In 1976, Barnes, in a restatement and expansion of Harnack's arguments, contested Schwartz' dating. Barnes found the 311-13 dating difficult to countenance given what else is known about Eusebius' literary history at this period—namely, that he wrote his Preparation for the Gospel (in fifteen books) and his Demonstration of the Gospel (in twenty) in or soon after 313. Not only was this an expansive literary project, it was also, Barnes argued, a project far removed in tone and substance from Against Hierocles. Moreover, it seems to betray an advance in Eusebius' knowledge: whereas in Hierocles Eusebius states that Hierocles' comparison of Jesus to Apollonius of Tyana is his sole act of originality ("of all the writers, who have ever attacked us, [he] stands alone in selecting Apollonius, as he has recently done, for the purposes of comparison and contrast with our Saviour" p. 370.9-12), in the Preparation, Eusebius makes extensive reference to Porphyry of Tyre's Against the Christians, which used the same trope. Eusebius is also known to have written a work titled Against Porphyry in twenty-five books (it does not survive), which must fit somewhere into this timeline.
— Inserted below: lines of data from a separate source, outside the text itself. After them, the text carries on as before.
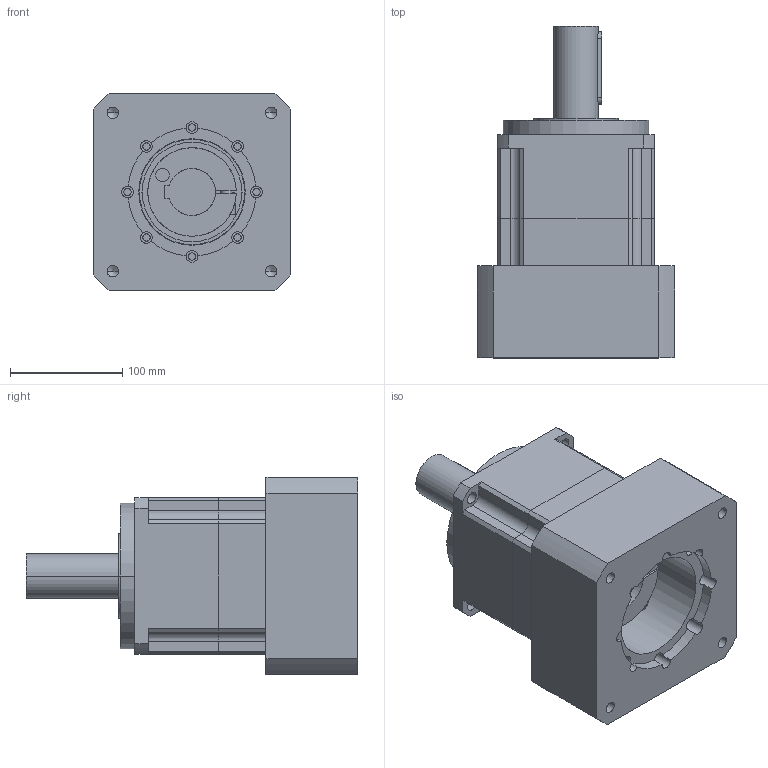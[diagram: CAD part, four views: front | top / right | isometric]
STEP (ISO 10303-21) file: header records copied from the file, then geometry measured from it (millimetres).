
FILE_DESCRIPTION (( 'STEP AP203' ), '1' );
FILE_NAME ('NT465-10-F-PAG140-L1-M2(配3000W伺服 输入42-114.3-200-M12).STEP', '2026-10-12T07:16:34', ( 'Windows User' ), ( 'P R C' ), 'SwSTEP 2.0', 'SolidWorks 2016', '' );
FILE_SCHEMA (( 'CONFIG_CONTROL_DESIGN' ));
Length unit declared in the file: millimetre
Products named in the file (2): NT465-F-10-PAG140-L1-M14(配3000W伺服 输入42-114.3-200-M12)-03; NT465-10-F-PAG140-L1-M2(配3000W伺服 输入42-114.3-200-M12)
Assembly tree (1 placements, depth 2):
  NT465-10-F-PAG140-L1-M2(配3000W伺服 输入42-114.3-200-M12)
    NT465-F-10-PAG140-L1-M14(配3000W伺服 输入42-114.3-200-M12)-03
Bounding box: 176 x 296 x 176 mm (x, y, z)
Volume: 4249376.7 mm3; surface area: 388128 mm2
Topology: 7 solids, 7 shells, 1084 faces, 2864 edges, 1882 vertices
Faces by surface type: plane 658, bspline 190, cylinder 162, cone 42, torus 32
Entity records: 41507 total; most frequent: CARTESIAN_POINT 15362, ORIENTED_EDGE 5692, DIRECTION 4703, EDGE_CURVE 2846, LINE 2001, VECTOR 2001, VERTEX_POINT 1882, AXIS2_PLACEMENT_3D 1351

Barnes disputes the validity of Schwartz's claim that Eusebius refers to the death of Galerius. The passage cited (p. 372.15-23 Kayser) could refer to Decius or Valerian. The latter is also a clear candidate for the event Eusebius describes as Christ's "easily overcoming those who on occasion attacked his divine teaching", and the "infidels who persecuted him bitterly" described in the passage: Valerian's persecution was cut short when he was captured and killed during a war with Persia in 260. His death inaugurated four decades of religious peace, during which no imperial official took action against Christians.

==Possible mention in Lactantius==
The unnamed individual mentioned by Lactantius who accused Jesus of having gathered a band of brigands may have been Sossianus Hierocles. According to Lactantius the individual accused Jesus of having a band of 900 brigands, and for this reason was crucified.

==See also==
- Macarius Magnes — his work Apocriticus is thought to have been written as a reply to Hierocles' Lover of Truth.